CCL18^＋tumor-associated macrophages induce immune escape by expressing PD-L1 and TGF-β

Objective To explore the role of CC chemokine ligand-18 (CCL18) positive tumor-associated macrophages in immune escape of gastric cancer and their impact on the tumor microenvironment.

Methods Three gastric cancer patient cohorts were included in Zhongshan Hospital, Fudan University (449 cases in the radical surgery cohort, 46 cases in the palliative treatment cohort, and 48 cases in the flow cytometry analysis cohort), and one group of patients from The Cancer Genome Atlas (TCGA) database were included. The CCL18⁺ tumor-associated macrophage gene signature was obtained from the TCGA database, and differential gene expression in the TCGA cohort was analyzed based on this signature. Immunofluorescence was used to assess the infiltration of CCL18⁺ tumor-associated macrophages in tissue microarrays of patients from two treatment cohorts. The association between CCL18⁺ tumor-associated macrophages and clinical outcomes as well as related gene expression was examined. Using single-cell suspensions derived from tumor tissues, flow cytometry was employed to evaluate the immunophenotype of CCL18⁺ tumor-associated macrophages; the potential therapeutic effects of blocking CCL18 in gastric cancer were assessed through in vitro culture.

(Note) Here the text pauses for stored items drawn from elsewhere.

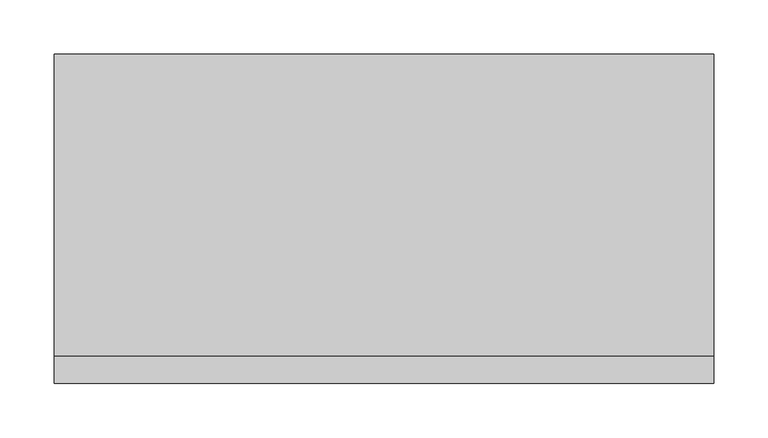
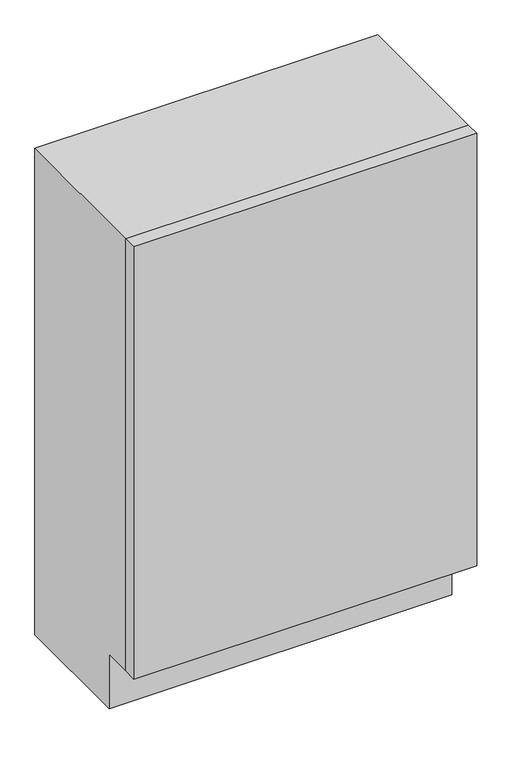
"""IFC4 building model written with IfcOpenShell, lengths in millimetres: furniture geometry, OD_CW_Base Cabinet : OD_CW_Base Cabinet."""

from ifc_helpers import new_model, si_unit, frame, origin, place, context, project, spatial, polyline, outline, extrude, source, transform, mapped, element, save


def furniture_f3df3c95(model_context):
    return source(origin(), model_context, "Body", "SweptSolid", [
        extrude(outline(polyline([(18.7377049, 330.2), (628.3377049, 330.2), (628.3377049, 304.8), (18.7377049, 304.8), (18.7377049, 330.2)])), frame((0.0, 0.0, 101.6), z_axis=(0.0, 0.0, 1.0), x_axis=(1.0, 0.0, 0.0)), (0.0, 0.0, 1.0), 812.8),
        extrude(outline(polyline([(330.2, 914.4), (609.6, 914.4), (609.6, 0.0), (381.0, 0.0), (381.0, 101.6), (330.2, 101.6), (330.2, 914.4)])), frame((18.7377049, 0.0, 0.0), z_axis=(1.0, 0.0, 0.0), x_axis=(0.0, 1.0, 0.0)), (0.0, 0.0, 1.0), 609.6),
    ])


if __name__ == "__main__":
    model = new_model("IFC4")
    model_context = context("Model", 3, world=origin())
    ifc_project = project(units=[si_unit("LENGTHUNIT", "METRE", prefix="MILLI")], contexts=[model_context])
    site = spatial("IfcSite", under=ifc_project)
    building = spatial("IfcBuilding", under=site)
    placement = place(None, origin())
    furniture_shape = furniture_f3df3c95(model_context)
    element("IfcFurniture", 1, ObjectType="OD_CW_Base Cabinet : OD_CW_Base Cabinet", at=placement, inside=building, context=model_context, shape_type="MappedRepresentation", body=[
        mapped(furniture_shape, transform((0.0, 0.0, 0.0), x_axis=(1.0, 0.0, 0.0), y_axis=(0.0, 1.0, 0.0), z_axis=(0.0, 0.0, 1.0))),
    ])
    save(model, "model.ifc")

# Revit data of these elements
# Type "OD_CW_Base Cabinet : OD_CW_Base Cabinet"
#   OD_CW_Width [instance default] = 2' - 10"
#   OD_CW_Length [instance default] = 8' - 0"
#   OD_CW_Height [instance default] = 2' - 3"
#   Depth = 2' - 0"
#   Height = 3' - 0"
#   Width = 4' - 0"
#   OD_CW_Material_Front Panel [instance default] = none
#   OD_CW_Material_Body [instance default] = none
# Element 1 (IfcFurniture, "OD_CW_Base Cabinet : OD_CW_Base Cabinet")
#   OD_CW_Width = 1' - 0"
#   OD_CW_Length = 2' - 0"
#   OD_CW_Height = 3' - 0"
#   OD_CW_Material_Body = HW SINK
#   Materials on its faces: "HW SINK", "CASEWORK"
# Materials
#   "HW SINK": class "Generic", colour RGB 187 187 187, transparency 0, Cost = 0
#   "CASEWORK": class "Generic", colour RGB 181 181 181, transparency 0, Cost = 0

Results In curative surgery cohort, patients with high infiltration of CCL18^＋tumor-associated macrophages had shorter overall survival and disease-free survival compared to those with low infiltration (P＜0.01). In palliative cohort, patients with high infiltration of CCL18^＋tumor-associated macrophages exhibited shorter progression-free survival compared to those with low infiltration (P＝0.015). The proportion of exhausted CD8^＋T cells was significantly increased in the cancer tissues with high infiltration of CCL18^＋tumor-associated macrophages compared to those with low infiltration (P＜0.001). Tumors with high CCL18^＋tumor-associated macrophages gene signature expressed significantly higher level of programmed death-ligand 1 (PD-L1) and transforming growth factor-β (TGF-β）than those with low CCL18^＋tumor-associated macrophages gene signature in TCGA queue (P＜0.001). The expression levels of PD-L1 and TGF-β were higher in CCL18^＋tumor-associated macrophages than those in CCL18^－tumor-associated macrophages (P＜0.05). After CCL18 intervention, the proportions of cytotoxic CD8⁺ T cells and apoptotic epithelial cells (Annexin Ⅴ^＋) were increased (P＜0.05), while the proportion of proliferating epithelial cells (Ki67^＋) was decreased (P＜0.001).

Conclusion CCL18^＋tumor-associated macrophages infiltration is associated with prognoses in patients with gastric cancer, and might promote an immunosuppressive microenvironment in gastric cancer by expressing PD-L1 and TGF-β, and blockade of CCL18 might be a new direction for gastric cancer treatment.